- What needs to be done: Pictures excluded, copy all of the data below exactly.
[[ Input material, beginning ]]
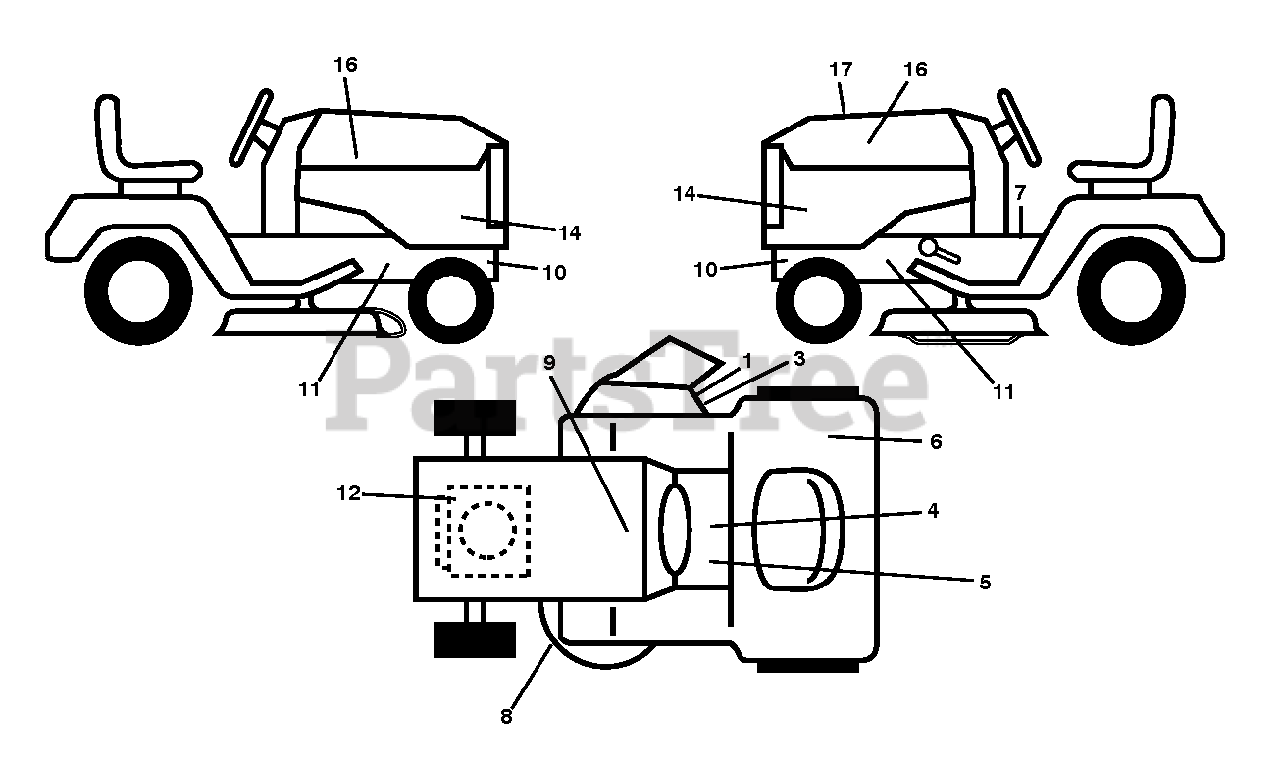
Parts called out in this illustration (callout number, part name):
1	DECAL.INTERNATIONL.CUTFINGER
3	DECAL, DEFLECT WARNING
4	DECAL PARK BRAKE
5	LABEL
6	Decal, Fender 100 DB/CE
7	DECAL
8	DECAL V BELT SCHEMATIC
9	DECAL BTRY SYMBOLS
12	DECAL
16	DECAL.BADGE.170MM.TEXTLOGO.
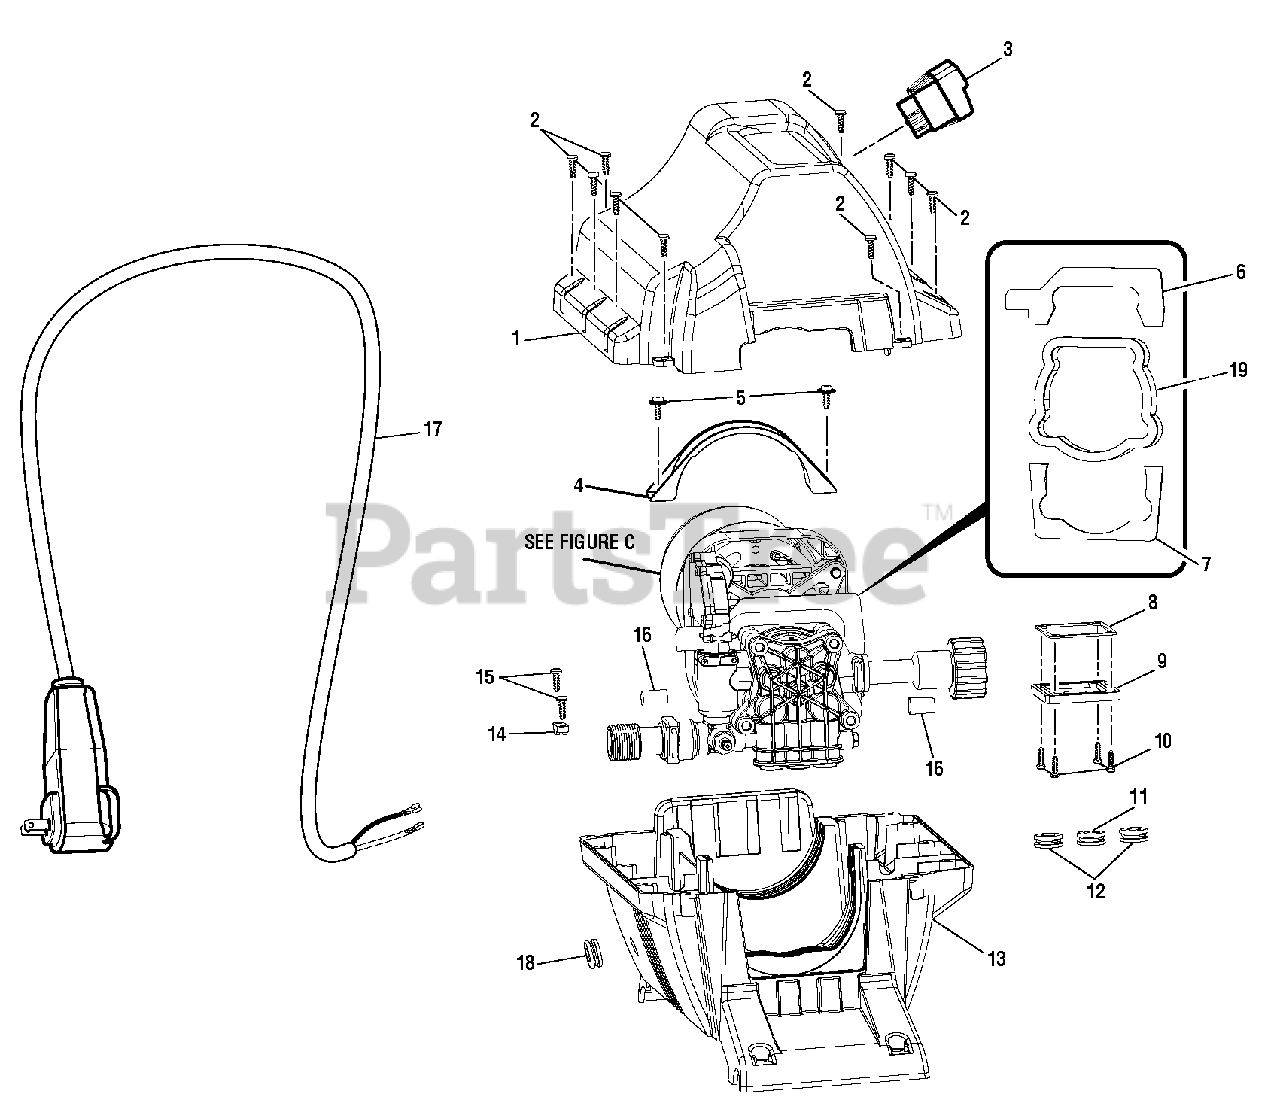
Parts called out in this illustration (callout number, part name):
1	Top Motor Housing
2	Screw (M4 x 15 mm)
4	Motor Bracket
5	Screw (M4 x 12 mm)
6	Upper Gasket
7	Lower Gasket
8	Switch Cover Gasket
9	Switch Cover
10	Screw (M3 x 14 mm)
13	Lower Motor Housing
14	Cord Clamp
15	Screw (M3.5 x 20 mm)
17	Power Cord
[[ Input material, end ]]
- Solution to this exercise:
Parts called out in this illustration (callout number, part name):
1	DECAL.INTERNATIONL.CUTFINGER
3	DECAL, DEFLECT WARNING
4	DECAL PARK BRAKE
5	LABEL
6	Decal, Fender 100 DB/CE
7	DECAL
8	DECAL V BELT SCHEMATIC
9	DECAL BTRY SYMBOLS
12	DECAL
16	DECAL.BADGE.170MM.TEXTLOGO.
Parts called out in this illustration (callout number, part name):
1	Top Motor Housing
2	Screw (M4 x 15 mm)
4	Motor Bracket
5	Screw (M4 x 12 mm)
6	Upper Gasket
7	Lower Gasket
8	Switch Cover Gasket
9	Switch Cover
10	Screw (M3 x 14 mm)
13	Lower Motor Housing
14	Cord Clamp
15	Screw (M3.5 x 20 mm)
17	Power Cord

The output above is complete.